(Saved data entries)
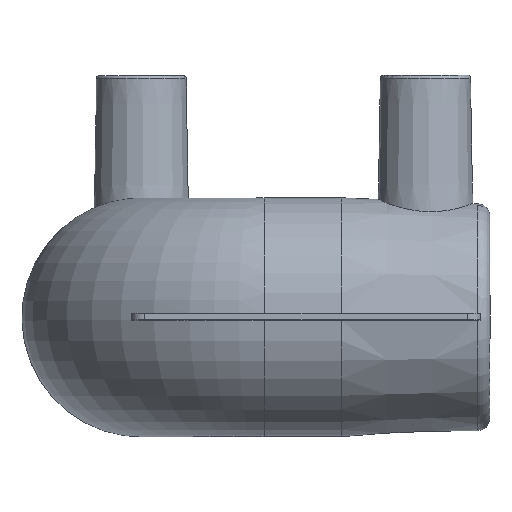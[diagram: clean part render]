
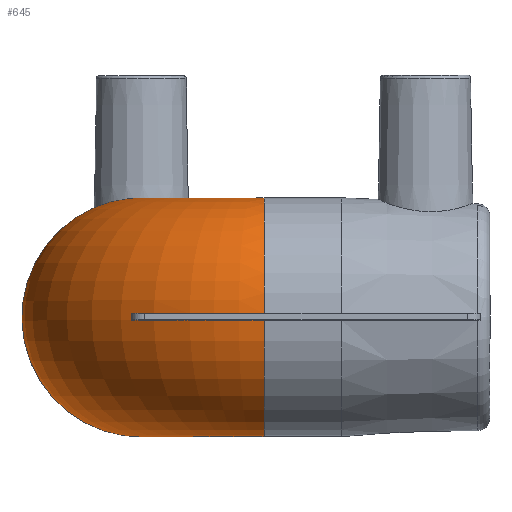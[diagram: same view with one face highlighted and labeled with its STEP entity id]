
A CAD part, top view. The second image highlights one B-rep face of the part: STEP entity #645.
In plain terms, the highlighted toroidal (fillet/blend) face has major radius 19 mm and minor radius 18.5 mm.
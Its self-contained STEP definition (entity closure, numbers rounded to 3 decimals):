
#73=TOROIDAL_SURFACE('',#714,19.,18.5);
#124=CIRCLE('',#713,18.5);
#125=CIRCLE('',#715,18.5);
#126=CIRCLE('',#716,37.493);
#127=CIRCLE('',#717,37.493);
#175=ORIENTED_EDGE('',*,*,#345,.F.);
#176=ORIENTED_EDGE('',*,*,#346,.T.);
#177=ORIENTED_EDGE('',*,*,#347,.F.);
#178=ORIENTED_EDGE('',*,*,#348,.F.);
#179=ORIENTED_EDGE('',*,*,#344,.T.);
#344=EDGE_CURVE('',#429,#429,#124,.F.);
#345=EDGE_CURVE('',#430,#431,#125,.F.);
#346=EDGE_CURVE('',#430,#432,#126,.T.);
#347=EDGE_CURVE('',#433,#432,#485,.T.);
#348=EDGE_CURVE('',#431,#433,#127,.T.);
#429=VERTEX_POINT('',#1087);
#430=VERTEX_POINT('',#1090);
#431=VERTEX_POINT('',#1091);
#432=VERTEX_POINT('',#1093);
#433=VERTEX_POINT('',#1098);
#485=B_SPLINE_CURVE_WITH_KNOTS('',3,(#1094,#1095,#1096,#1097),
 .UNSPECIFIED.,.F.,.F.,(4,4),(0.006,0.007),
 .UNSPECIFIED.);
#506=EDGE_LOOP('',(#175,#176,#177,#178));
#507=EDGE_LOOP('',(#179));
#576=FACE_BOUND('',#506,.T.);
#577=FACE_BOUND('',#507,.T.);
#645=ADVANCED_FACE('',(#576,#577),#73,.T.);
#713=AXIS2_PLACEMENT_3D('',#1086,#817,#818);
#714=AXIS2_PLACEMENT_3D('',#1088,#819,#820);
#715=AXIS2_PLACEMENT_3D('',#1089,#821,#822);
#716=AXIS2_PLACEMENT_3D('',#1092,#823,#824);
#717=AXIS2_PLACEMENT_3D('',#1099,#825,#826);
#817=DIRECTION('',(0.,0.,-1.));
#818=DIRECTION('',(1.,0.,0.));
#819=DIRECTION('',(0.,-1.,0.));
#820=DIRECTION('',(0.,0.,-1.));
#821=DIRECTION('',(-1.,0.,0.));
#822=DIRECTION('',(0.,0.,-1.));
#823=DIRECTION('',(0.,-1.,0.));
#824=DIRECTION('',(0.,0.,-1.));
#825=DIRECTION('',(0.,-1.,0.));
#826=DIRECTION('',(0.,0.,-1.));
#1086=CARTESIAN_POINT('',(0.,0.,35.));
#1087=CARTESIAN_POINT('',(18.5,0.,35.));
#1088=CARTESIAN_POINT('',(19.,0.,35.));
#1089=CARTESIAN_POINT('',(19.,0.,54.));
#1090=CARTESIAN_POINT('',(19.,-0.5,72.493));
#1091=CARTESIAN_POINT('',(19.,0.5,72.493));
#1092=CARTESIAN_POINT('',(19.,-0.5,35.));
#1093=CARTESIAN_POINT('',(7.5,-0.5,70.686));
#1094=CARTESIAN_POINT('',(7.5,0.5,70.686));
#1095=CARTESIAN_POINT('',(7.5,0.165,70.696));
#1096=CARTESIAN_POINT('',(7.5,-0.168,70.695));
#1097=CARTESIAN_POINT('',(7.5,-0.5,70.686));
#1098=CARTESIAN_POINT('',(7.5,0.5,70.686));
#1099=CARTESIAN_POINT('',(19.,0.5,35.));

### WORK INSTRUCTION
For every entry above, please output the text exactly and leave any picture behind.

### ANSWER
[diagram: clean part render]
[diagram: same view with one face highlighted and labeled with its STEP entity id]
A CAD part, top view. The second image highlights one B-rep face of the part: STEP entity #645.
In plain terms, the highlighted toroidal (fillet/blend) face has major radius 19 mm and minor radius 18.5 mm.
Its self-contained STEP definition (entity closure, numbers rounded to 3 decimals):
#73=TOROIDAL_SURFACE('',#714,19.,18.5);
#124=CIRCLE('',#713,18.5);
#125=CIRCLE('',#715,18.5);
#126=CIRCLE('',#716,37.493);
#127=CIRCLE('',#717,37.493);
#175=ORIENTED_EDGE('',*,*,#345,.F.);
#176=ORIENTED_EDGE('',*,*,#346,.T.);
#177=ORIENTED_EDGE('',*,*,#347,.F.);
#178=ORIENTED_EDGE('',*,*,#348,.F.);
#179=ORIENTED_EDGE('',*,*,#344,.T.);
#344=EDGE_CURVE('',#429,#429,#124,.F.);
#345=EDGE_CURVE('',#430,#431,#125,.F.);
#346=EDGE_CURVE('',#430,#432,#126,.T.);
#347=EDGE_CURVE('',#433,#432,#485,.T.);
#348=EDGE_CURVE('',#431,#433,#127,.T.);
#429=VERTEX_POINT('',#1087);
#430=VERTEX_POINT('',#1090);
#431=VERTEX_POINT('',#1091);
#432=VERTEX_POINT('',#1093);
#433=VERTEX_POINT('',#1098);
#485=B_SPLINE_CURVE_WITH_KNOTS('',3,(#1094,#1095,#1096,#1097),
 .UNSPECIFIED.,.F.,.F.,(4,4),(0.006,0.007),
 .UNSPECIFIED.);
#506=EDGE_LOOP('',(#175,#176,#177,#178));
#507=EDGE_LOOP('',(#179));
#576=FACE_BOUND('',#506,.T.);
#577=FACE_BOUND('',#507,.T.);
#645=ADVANCED_FACE('',(#576,#577),#73,.T.);
#713=AXIS2_PLACEMENT_3D('',#1086,#817,#818);
#714=AXIS2_PLACEMENT_3D('',#1088,#819,#820);
#715=AXIS2_PLACEMENT_3D('',#1089,#821,#822);
#716=AXIS2_PLACEMENT_3D('',#1092,#823,#824);
#717=AXIS2_PLACEMENT_3D('',#1099,#825,#826);
#817=DIRECTION('',(0.,0.,-1.));
#818=DIRECTION('',(1.,0.,0.));
#819=DIRECTION('',(0.,-1.,0.));
#820=DIRECTION('',(0.,0.,-1.));
#821=DIRECTION('',(-1.,0.,0.));
#822=DIRECTION('',(0.,0.,-1.));
#823=DIRECTION('',(0.,-1.,0.));
#824=DIRECTION('',(0.,0.,-1.));
#825=DIRECTION('',(0.,-1.,0.));
#826=DIRECTION('',(0.,0.,-1.));
#1086=CARTESIAN_POINT('',(0.,0.,35.));
#1087=CARTESIAN_POINT('',(18.5,0.,35.));
#1088=CARTESIAN_POINT('',(19.,0.,35.));
#1089=CARTESIAN_POINT('',(19.,0.,54.));
#1090=CARTESIAN_POINT('',(19.,-0.5,72.493));
#1091=CARTESIAN_POINT('',(19.,0.5,72.493));
#1092=CARTESIAN_POINT('',(19.,-0.5,35.));
#1093=CARTESIAN_POINT('',(7.5,-0.5,70.686));
#1094=CARTESIAN_POINT('',(7.5,0.5,70.686));
#1095=CARTESIAN_POINT('',(7.5,0.165,70.696));
#1096=CARTESIAN_POINT('',(7.5,-0.168,70.695));
#1097=CARTESIAN_POINT('',(7.5,-0.5,70.686));
#1098=CARTESIAN_POINT('',(7.5,0.5,70.686));
#1099=CARTESIAN_POINT('',(19.,0.5,35.));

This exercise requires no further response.